What you have to do: The lines to copy are those with "values" in them. Pull each one from the entries below.

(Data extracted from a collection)

========

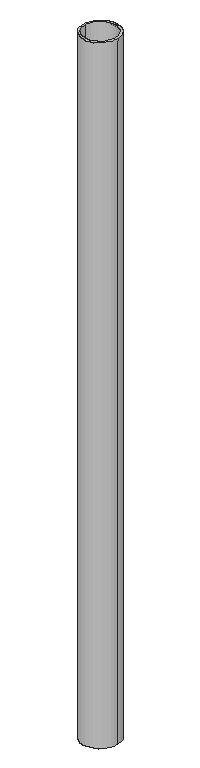
Revit family
Parameters (values of type "HSS6-1/8X.375")
  Column Material [instance] = Metal - Steel - ASTM A53
  A = 5.76 in²
  Assembly Code = "B10"
  OD = 0' - 6 33/256"
  W = 23.1
  t = 0' - 0 89/256"
Types (2): name | A | OD | W | t
  HSS4-1/2X.237 | 2.88 in² | 0' - 4 1/2" | 10.8 | 0' - 0 57/256"
  HSS6-1/8X.375 | 5.76 in² | 0' - 6 33/256" | 23.1 | 0' - 0 89/256"
Reference planes (in)
  plane 1 "Center (Front/Back)": y = 0
  plane 2: z = 0
  plane 3 "Center (Left/Right)": x = 0
  plane 4: x = -3.06445
  plane 5: x = 3.06445
  plane 6: y = 3.06445
  plane 7: y = -3.06445
  plane 8: x = -2.7168
  plane 9: x = 2.7168
Forms (in)
  Extrusion 1, solid, material "Metal - Steel - ASTM A53" <- "Column Material", detail levels medium+fine
    sketch origin (0, 0, 0) x (1, 0, 0) y (0, 1, 0)
      loop
        circle (0, 0) r 3.06445
      loop
        circle (0, 0) r 2.7168
    from 0 to 108
Lines and regions (in)
  symbolic lines, style "StructuralColumnStickSymbols", detail levels coarse
    curve 1: arc (-3.06445, 0, 0) -> (0, -3.06445, 0) -> (3.06445, 0, 0) r 3.06445
    curve 2: arc (3.06445, 0, 0) -> (0, 3.06445, 0) -> (-3.06445, 0, 0) r 3.06445
Dimensions and locks (in)
  equal spacing: plane 4, plane 3 "Center (Left/Right)", plane 5
  equal spacing: plane 7, plane 1 "Center (Front/Back)", plane 6
  "OD": plane 7 to plane 6
  "OD": plane 4 to plane 5
  "t": plane 4 to plane 8
  "t": plane 9 to plane 5
  aligned and locked: level to Extrusion 1
  aligned and locked: level to plane 2
  aligned and locked: Extrusion 1 to plane 2
  aligned and locked: curve 1 to Extrusion 1
Automatic sketch dimensions
  Extrusion 1 sketch curve to plane 1 "Center (Front/Back)" = 0' - 0"  (x2)
  Extrusion 1 sketch curve to plane 4 = 0' - 0"
  Extrusion 1 sketch curve to plane 8 = 0' - 0"
  Extrusion 1 sketch curve to plane 3 "Center (Left/Right)" = 0' - 0"  (x2)
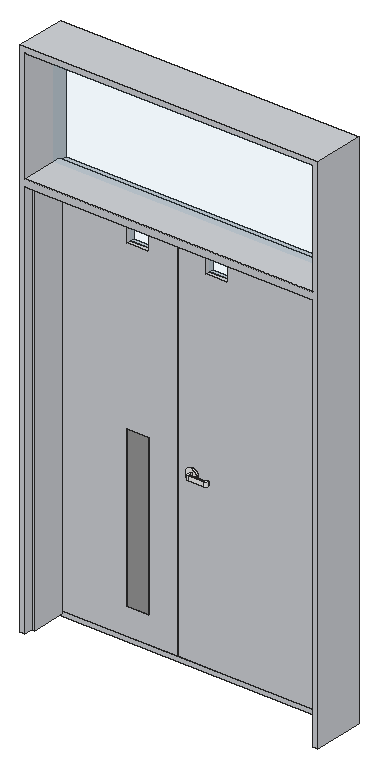
Revit family "Dor_親子開き戸（幕板付）", category ドア, Revit 2020
Family settings
  ホスト = 壁
  常に垂直 = はい
  ロード時にボイドで切り取り = はい
  共有 = いいえ
  部屋計算ポイント = いいえ
Parameters (values of type "親子開き戸（幕板付）")
  開口逃げ位置表示 [instance] = no
  金物_施錠方式(外) = ""
  金物_施錠方式(内) = ""
  金物_支持金物 = ""
  金物_操作金物 = ""
  金物_戸当り = ""
  金物_固定金物 = ""
  金物_フランス落し = ""
  金物_クローザー = ""
  逃げ_左 = 60 mm
  逃げ_右 = 60 mm
  解析用性能 = "<なし>"
  符号_建具記号 = ""
  符号_建具番号 = ""
  無目見付 = 40 mm
  法_随時閉鎖 = yes
  法_防火性能 = ""
  法_遮煙 = yes
  法_常時閉鎖 = yes
  沓摺表示 [instance] = yes
  文字_ガラス厚 = ""
  幕板高さ = 600 mm
  幕板_パネル = no
  幕板_ガラス = not(幕板_パネル)  # yes
  建枠下延長 [instance] = 10 mm
  沓摺見込_Kc_Kd [instance] = 150 mm
  ラベル_遮煙 = if(法_遮煙, "S", " ")  # "S"
  ラベル_法囲み = if(法_常時閉鎖, "□", if(法_随時閉鎖, "〇", " "))  # "□"
  ドア高さ = 2100 mm
  ドアパネルタイプ2 = DP_小窓+スリットガラリ : 小窓+スリットガラリ
  ドアパネルタイプ1 = DP_小窓 : 小窓
  スリット/小窓位置：戸先 [instance] = yes
  ガラス厚 = 6 mm
  オフセット_外側 [instance] = 50 mm
  hideFill_offset [instance] = オフセット_内側 + 2 mm + LOCK  # 52 mm
  calc_逃げ位置 [instance] = if(bWallThicknessOffset, calc_壁芯ずれ, 0 mm)  # 0 mm
  calc_無目D [instance] = if(幕板_ガラス, パネル厚, 0 mm)  # 45 mm
  calc_沓摺幅 = 幅 + 戸当見付 * 2  # 1530 mm
  沓摺タイプ = Kb_沓摺 : Kb_沓摺
  次による断熱プロパティの定義 = スキーマティック タイプ
  枠見付内_F01 = 30 mm
  calc_枠見込内 [instance] = if(and(枠ちり内 = 0 mm, オフセット_内側 = 0 mm), 1 mm, 0 mm)  # 0 mm
  calc_枠見付内 = if(枠タイプ = 1, 枠見付内_F01, if(枠タイプ = 2, 枠見付 + 戸当見付, if(枠タイプ = 3, 枠見付 + 戸当見付, 枠見付)))  # 40 mm
  文字_額縁材質 = ""
  文字_額縁仕上 = ""
  文字_沓摺材質 = ""
  文字_沓摺仕上 = ""
  文字_枠材質 = ""
  文字_枠仕上 = ""
  文字_建具材質 = ""
  文字_建具仕上 = ""
  文字_取付場所 = ""
  文字_備考 = ""
  文字_パネル厚 = ""
  文字_ガラリ材質 = ""
  文字_ガラリ仕上 = ""
  文字_ガラス材質 = ""
  文字_アンダーカット = ""
  性能_遮音 = ""
  性能_気密 = ""
  形状_沓摺形状 = ""
  形状_枠形状 = ""
  形状_建具形式 = ""
  形状_ガラリ形状 = ""
  仕上げ厚 = 0 mm
  calc_幕板パネル高さ = 幕板高さ + 戸当見付  # 615 mm
  calc_壁芯ずれ [instance] = オフセット_内側 / 2 + オフセット_外側 / 2  # 50 mm
  calc_仕上げ厚 [instance] = if(and(オフセット_内側 = 0 mm, 仕上げ厚 = 0 mm), 11 mm, 仕上げ厚)  # 0 mm
  マテリアル_沓摺 = none
  マテリアル_枠 = none
  マテリアル_パネル = none
  マテリアル_ガラリ = none
  マテリアル_ガラス = ガラス - 透明
  パネル幅2 = (幅 + 戸当見付 * 2) - パネル幅  # 630 mm
  パネル幅1 = 900 mm
  calc_ボイド高さ = if(枠タイプ = 2, H寸法 + 枠見付 + 戸当見付, H寸法 + 枠見付)  # 2780 mm
  calc_パネル中心位置 = パネル厚 / 2 + LOCK  # 22.5 mm
  calc_パネル2_中心 = パネル幅2 / 2 + LOCK  # 315 mm
  calc_パネル1_中心 = パネル幅1 / 2 + LOCK  # 450 mm
  ハンドル表示 [instance] = yes
  Keynote = ""
  オフセット_内側 [instance] = 50 mm
  bWallThicknessOffset = no
  bGlass&F02 = and(枠タイプ = 2, 幕板_ガラス)  # no
  bF01&F03 = not(枠タイプ = 2)  # yes
  W寸法 = 1500 mm
  LOCK = 0 mm  # constant formula
  H寸法 = ドア高さ + 無目見付 + 幕板高さ + 戸当見付  # 2755 mm
  F02_片ひばた2 = 枠タイプ = 2  # no
  Function = (empty or 0)
  Description = ""
  枠タイプ = 3
  Rough Width = 0 mm
  高さ = H寸法 + LOCK  # 2755 mm
  枠見付 = 25 mm
  枠ちり外 = 10 mm
  枠ちり内 = 10 mm
  ハンドル_高さ = 900 mm
  ハンドル_オフセット = 80 mm
  戸当見付 = 15 mm
  Construction Type = ""
  Wall Closure = (empty or 0)
  幅 = W寸法 + LOCK  # 1500 mm
  全高 = 2655 mm
  パネル高 = ドア高さ + 戸当見付 - アンダーカット  # 2110 mm
  パネル幅 = パネル幅1 + LOCK  # 900 mm
  パネル厚 = 45 mm
  アンダーカット = 5 mm
  F01_片ひばた1 = 枠タイプ = 1  # no
  F03_両ひばた = 枠タイプ = 3  # yes
Reference planes
  plane 1: y = 0
  plane 2 "中心(左/右)": x = 0
  plane 3 "EXT.": y = 75
  plane 4 "内壁": y = -75
  plane 5 "左": x = -750
  plane 6 "右": x = 750
  plane 7 "上側": z = 2755
  plane 8: z = 0
  plane 9 "枠ちり外": y = 135
  plane 10 "左扉位置": x = -765
  plane 11 "枠外側左": x = -790
  plane 12 "枠内側左": x = -790
  plane 13 "仕上げ厚": y = -75
  plane 14 "右扉位置": x = 765
  plane 15 "枠外側右": x = 790
  plane 16 "枠内側右": x = 790
  plane 17 "枠見付上": z = 2780
  plane 18 "枠見付内_上": z = 2795
  plane 19: y = 90
  plane 20 "戸当見込": y = -90
  plane 21: x = -780
  plane 22: x = 780
  plane 23: z = 5
  plane 24: y = -125
  plane 25 "枠ちり内": y = -135
  plane 26 "パネル中心": y = 112.5
  plane 27: y = 65
  plane 28: y = -115
  plane 29: x = -795
  plane 30: x = 795
  plane 31: y = 65
  plane 32: y = -115
  plane 33 "枠見込内": y = -75
  plane 34: y = -130
  plane 35: x = -135
  plane 36 "パネル1中心": x = 315
  plane 37 "パネル2中心": x = -450
  plane 38: y = 112.5
  plane 39 "壁芯": y = -50
  plane 40: z = 900
  plane 41: x = -55
  plane 42 "上枠戸当り": z = 2100
  plane 43 "無目下端": z = 2115
  plane 44 "無目上端": z = 2155
  plane 45 "建枠下延長": z = -10
  plane 46 "オフセット外側": y = 125
  plane 47 "ガラス位置": z = 2140
  plane 48 "無目D": y = 90
  plane 49: y = 60
  plane 50 "逃げ位置": y = 0
Forms (mm)
  Extrusion 1, void
    sketch origin (0, 0, 0) x (1, 0, 0) y (0, 1, 0)
      loop
        line (-790, -125) -> (790, -125) -> (790, -75) -> (-790, -75) -> (-790, -125)
    from 0 to 2780 <- "calc_ボイド高さ"
  Extrusion 2, void
    sketch origin (0, 0, 0) x (1, 0, 0) y (0, 1, 0)
      loop
        line (-790, 125) -> (-790, -75) -> (790, -75) -> (790, 125) -> (-790, 125)
    from 0 to 2780
  Sweep 3, solid, material <- "マテリアル_枠", visible <- "F01_片ひばた1"
    path origin (0, 75, 0) x (1, 0, 0) y (0, 0, 1)
      loop
        line (750, -10) -> (750, 2100) -> (-750, 2100) -> (-750, -10)
    profile origin (750, 75, 1045) x (-1, 0, 0) y (0, -1, 0)
      loop
        line (-40, -60) -> (-15, -60) -> (-15, -15) -> (0, -15) -> (0, 210) -> (-30, 210) -> (-30, 150) -> (-40, 150) -> (-40, -60)
  Sweep 4, solid, material <- "マテリアル_枠", visible <- "F02_片ひばた2"
    path origin (0, 75, 0) x (1, 0, 0) y (0, 0, 1)
      loop
        line (750, -10) -> (750, 2100) -> (-750, 2100) -> (-750, -10)
    profile origin (750, 75, 1045) x (-1, 0, 0) y (0, -1, 0)
      loop
        line (-40, -60) -> (-15, -60) -> (-15, -15) -> (0, -15) -> (0, 210) -> (-40, 210) -> (-40, -60)
  Sweep 5, solid, material <- "マテリアル_枠", visible <- "F03_両ひばた"
    path origin (0, 75, 0) x (1, 0, 0) y (0, 0, 1)
      loop
        line (750, -10) -> (750, 2100) -> (-750, 2100) -> (-750, -10)
    profile origin (750, 75, 1045) x (-1, 0, 0) y (0, -1, 0)
      loop
        line (-40, -60) -> (-15, -60) -> (-15, -15) -> (0, -15) -> (0, 165) -> (-15, 165) -> (-15, 210) -> (-40, 210) -> (-40, -60)
  Extrusion 6, solid, material <- "マテリアル_枠", visible <- "F03_両ひばた"
    sketch origin (0, 0, 0) x (0, 1, 0) y (0, 0, 1)
      loop
        line (90, 2140) -> (90, 2155) -> (-135, 2155) -> (-135, 2140) -> (90, 2140)
    from -765 to 765
  Extrusion 7, solid, material "ガラス - 透明" <- "マテリアル_ガラス", visible <- "幕板_ガラス"
    sketch origin (0, 0, 0) x (1, 0, 0) y (0, 1, 0)
      loop
        line (-765, 50) -> (765, 50) -> (765, 60) -> (-765, 60) -> (-765, 50)
    from 2140 to 2755
  Extrusion 8, solid, material <- "マテリアル_枠", visible <- "F03_両ひばた"
    sketch origin (0, 95, -20) x (-1, 0, 0) y (0, 0, 1)
      loop
        line (-790, 2160) -> (-765, 2160) -> (-765, 2775) -> (765, 2775) -> (765, 2160) -> (790, 2160) -> (790, 2800) -> (-790, 2800) -> (-790, 2160)
    from 40 to -230
  Extrusion 9, solid, material <- "マテリアル_パネル", visible <- "幕板_パネル"
    sketch origin (0, 0, 0) x (0, 1, 0) y (0, 0, 1)
      loop
        line (132, 2755) -> (-132, 2755) -> (-132, 2155) -> (132, 2155) -> (132, 2755)
    from -765 to 765
  Extrusion 10, solid, material <- "マテリアル_枠", visible <- "F02_片ひばた2"
    sketch origin (0, 0, 0) x (0, 1, 0) y (0, 0, 1)
      loop
        line (90, 2140) -> (90, 2155) -> (-135, 2155) -> (-135, 2140) -> (90, 2140)
    from -765 to 765
  Extrusion 11, solid, material <- "マテリアル_枠", visible <- "F02_片ひばた2"
    sketch origin (0, 95, -20) x (-1, 0, 0) y (0, 0, 1)
      loop
        line (-790, 2160) -> (-765, 2160) -> (-765, 2775) -> (765, 2775) -> (765, 2160) -> (790, 2160) -> (790, 2800) -> (-790, 2800) -> (-790, 2160)
    from 40 to -230
  Extrusion 12, solid, material <- "マテリアル_枠", visible <- "F01_片ひばた1"
    sketch origin (0, 0, 0) x (0, 1, 0) y (0, 0, 1)
      loop
        line (90, 2140) -> (90, 2155) -> (-135, 2155) -> (-135, 2130) -> (-75, 2130) -> (-75, 2140) -> (90, 2140)
    from -765 to 765
  Extrusion 13, solid, material <- "マテリアル_枠", visible <- "F01_片ひばた1"
    sketch origin (0, 95, -20) x (-1, 0, 0) y (0, 0, 1)
      loop
        line (-790, 2160) -> (-765, 2160) -> (-765, 2775) -> (765, 2775) -> (765, 2160) -> (790, 2160) -> (790, 2800) -> (-790, 2800) -> (-790, 2160)
    from 40 to -170
  Extrusion 14, solid, material <- "マテリアル_枠", visible <- "F02_片ひばた2"
    sketch origin (0, -85, 0) x (-1, 0, 0) y (0, 0, 1)
      loop
        line (765, 2755) -> (750, 2755) -> (750, 2155) -> (765, 2155) -> (765, 2755)
      loop
        line (-750, 2755) -> (-765, 2755) -> (-765, 2155) -> (-750, 2155) -> (-750, 2755)
    from -50 to 175
  Extrusion 15, solid, material <- "マテリアル_枠", visible <- "F02_片ひばた2"
    sketch origin (0, -85, 0) x (-1, 0, 0) y (0, 0, 1)
      loop
        line (790, 2795) -> (-790, 2795) -> (-790, 2780) -> (790, 2780) -> (790, 2795)
    from 10 to -50
  Extrusion 16, solid, material <- "マテリアル_枠", visible <- "F01_片ひばた1"
    sketch origin (0, -85, 0) x (-1, 0, 0) y (0, 0, 1)
      loop
        line (790, 2130) -> (790, 2780) -> (-790, 2780) -> (-790, 2130) -> (-765, 2130) -> (-765, 2755) -> (765, 2755) -> (765, 2130) -> (790, 2130)
    from -50 to 10
Cuts and joins
  joined: Sweep 3, Extrusion 12, Extrusion 13, Extrusion 16
  joined: Sweep 4, Extrusion 10, Extrusion 11, Extrusion 14, Extrusion 15
  joined: Sweep 5, Extrusion 6, Extrusion 8
Lines and regions (mm)
  Masking region 1
    outline origin (0, 0, 0) x (0, 1, 0) y (0, 0, 1)
      loop
        line (135, 2115) -> (90, 2115) -> (90, 5) -> (135, 5) -> (135, 2115)
  Masking region 2, visible <- "F01_片ひばた1", detail levels medium+fine
    outline origin (0, 0, 0) x (1, 0, 0) y (0, 1, 0)
      loop
        line (-790, -75) -> (-780, -75) -> (-780, -135) -> (-750, -135) -> (-750, 90) -> (-765, 90) -> (-765, 135) -> (-790, 135) -> (-790, -75)
      loop
        line (790, -75) -> (790, 135) -> (765, 135) -> (765, 90) -> (750, 90) -> (750, -135) -> (780, -135) -> (780, -75) -> (790, -75)
  Masking region 3, visible <- "F02_片ひばた2", detail levels medium+fine
    outline origin (0, 0, 0) x (1, 0, 0) y (0, 1, 0)
      loop
        line (-790, -135) -> (-750, -135) -> (-750, 90) -> (-765, 90) -> (-765, 135) -> (-790, 135) -> (-790, -135)
      loop
        line (790, -135) -> (790, 135) -> (765, 135) -> (765, 90) -> (750, 90) -> (750, -135) -> (790, -135)
  Masking region 4, detail levels coarse
    outline origin (0, 0, 0) x (1, 0, 0) y (0, 1, 0)
      loop
        line (-750, -130) -> (750, -130) -> (750, -125) -> (750, 125) -> (750, 130) -> (-750, 130) -> (-750, 125) -> (-750, -125) -> (-750, -130)
  Masking region 5, detail levels coarse
    outline origin (0, 0, 0) x (1, 0, 0) y (0, 1, 0)
      loop
        line (-795, 125) -> (-795, -125) -> (-750, -125) -> (-750, 125) -> (-795, 125)
      loop
        line (795, 125) -> (750, 125) -> (750, -125) -> (795, -125) -> (795, 125)
  Masking region 6, visible <- "F03_両ひばた", detail levels medium+fine
    outline origin (0, 0, 0) x (1, 0, 0) y (0, 1, 0)
      loop
        line (-790, -135) -> (-765, -135) -> (-765, -90) -> (-750, -90) -> (-750, 90) -> (-765, 90) -> (-765, 135) -> (-790, 135) -> (-790, -135)
      loop
        line (790, -135) -> (790, 135) -> (765, 135) -> (765, 90) -> (750, 90) -> (750, -90) -> (765, -90) -> (765, -135) -> (790, -135)
  Masking region 7, visible <- "F02_片ひばた2"
    outline origin (0, 0, 0) x (0, 1, 0) y (0, 0, 1)
      loop
        line (105, 2780) -> (105, 2782) -> (-53, 2782) -> (-53, 2797) -> (-105, 2797) -> (-105, 2795) -> (-135, 2795) -> (-135, 2755) -> (135, 2755) -> (135, 2780) -> (105, 2780)
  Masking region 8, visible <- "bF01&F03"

========

The completed task:
Parameters (values of type "HSS6-1/8X.375")
Parameters (values of type "親子開き戸（幕板付）")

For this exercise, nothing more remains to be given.